だから安楽投手ひとりを見て、「だから投球制限は必要ない」と安易に一般化することはできないと思う。特殊事例と多数派事例を混同し、少数事例のほうを一般化してしまう誤謬の影には、「できればこうであってほしい」という観察者の主観がつねに隠れている。まともな学校教育を受けた者であれば、そんな誤謬に陥ることはあるまいと思うのだ。


僕は個人的には、甲子園に投球制限は必要だと思っている。なにしろ、ここ数年の夏の暑さは尋常ではない。
もし甲子園球児が「最後まで投げたい」と本心から思っていたとしても、彼らは高揚感から冷静な判断ができない。身体的に限界を越えていても、それを認識することはできまい。本当に死ぬまで投げようとするだろう。
だからルールとして、体力の限界値を越えないようにある程度の制限を設ける必要はあると思う。

しかしトーナメント式の甲子園に投球制限をフィットさせ、さらに高校球児のやる気を削がないような投球制限は、ある程度の監督の裁量をはさむ余地が必要だと思う。たとえば「1試合◯◯球」というのではなく、「2試合の合計が200球を越えないこと」のように、勝負所によって起用の幅を持たせられるようにする必要はあるだろう。

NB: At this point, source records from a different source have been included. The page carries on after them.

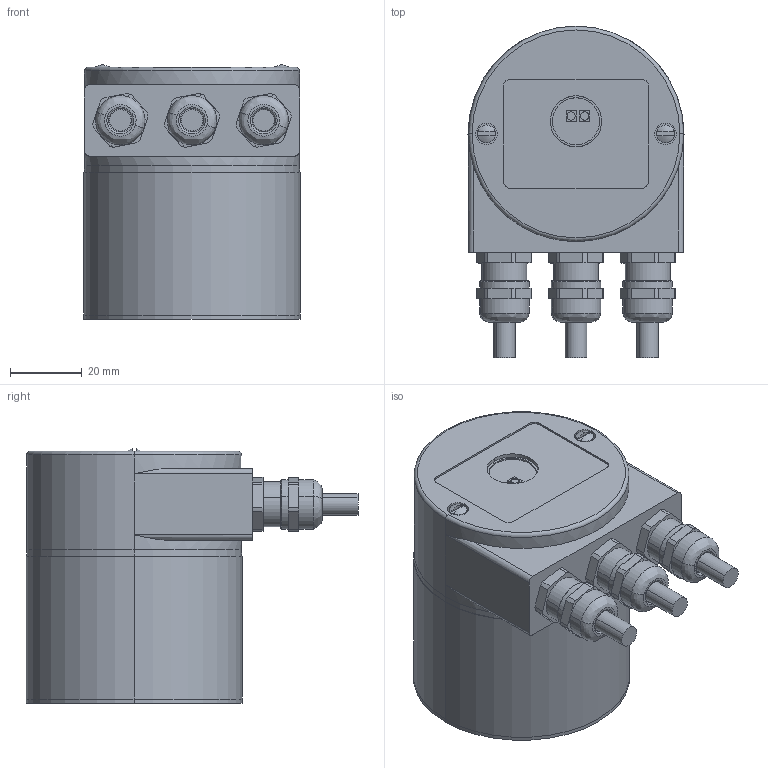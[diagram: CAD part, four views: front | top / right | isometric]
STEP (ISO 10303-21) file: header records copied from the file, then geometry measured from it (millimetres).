
FILE_DESCRIPTION (( 'STEP AP203' ), '1' );
FILE_NAME ('Drawing-OC-6-TC-430-2NM-HCCNNN-Y-H3P-N-new version.STEP', '2013-09-24T09:59:39', ( 'Admin' ), ( 'Microsoft' ), 'SwSTEP 2.0', 'SolidWorks 2006104', '' );
FILE_SCHEMA (( 'CONFIG_CONTROL_DESIGN' ));
Length unit declared in the file: millimetre
Products named in the file (1): Drawing-OC-6-TC-430-2NM-HCCNNN-Y-H3P-N-new version
Bounding box: 60.3 x 92.65 x 70.9 mm (x, y, z)
Surface area: 40855.4 mm2 (no closed solid volume)
Topology: 0 solids, 17 shells, 253 faces, 833 edges, 601 vertices
Faces by surface type: plane 110, cylinder 97, cone 28, bspline 12, torus 6
Entity records: 9837 total; most frequent: CARTESIAN_POINT 2482, DIRECTION 1538, ORIENTED_EDGE 1360, EDGE_CURVE 833, VERTEX_POINT 601, AXIS2_PLACEMENT_3D 525, LINE 488, VECTOR 488

「そもそも炎天下の甲子園でやる必要があるのか」という議論に関しては、その議論がメディアやWeb上にほとんど出てこないことがその答えになっていると思う。おそらくいろんな理由から、甲子園でなければならない、昼間でなければならない人達がいるのだろう。夜に甲子園をやったとしたら、夜の民放番組の視聴率はどうなるのだろうか。「日本の行事のほとんどの実施詳細は、商業的利益から逆算して決定される」というのは、良し悪しは別としてすでに常識ではあるまいか。

名古屋ドームや京セラドームで夏の大会をやったとしたら、全国各地から応援バス10数台で、1日8校、合計100台規模の観光バスを停めておく場所があるのだろうか。参加出場校全都道府県チーム分の宿泊施設は確保できるのか。


僕もそうだが、ほとんどの日本人にとって、夏の甲子園は「野球」というより「お祭り」なのだろう。岸和田のだんじり祭や諏訪の御柱祭でたまに死者が出るからといって、「ではだんじりの速度をもっとゆっくりすることにしよう」「だんじりの高さを半分にしよう」「御柱を安全な発砲スチロール制にすればいい」という議論にはならない。
夏の甲子園もそれと同じだ。「出場する人は、好きで出ている。出場中止を命令されたら切れる」「危険や消耗は百も承知。だからどうした」という、参加者の気持ちは何ら変わらない。
しかし、甲子園は自分のコントロールが十分にできない高校生のお祭りだ、ということを忘れてはなるまい。

出場する甲子園児はご苦労さんだが、彼らは夢の実現としてあの舞台に立っている。好きでやっているんだから、やりたいだけやらしてあげりゃいいじゃないかと思う。
おそらく投球制限は、誰かが死ぬまで導入されないだろう。そうなった時に、「あの時はこうだった」的な後ろ向きの論拠を振りかざし、取り返しのつかない事態に慌てふためく高野連が目に浮かぶ。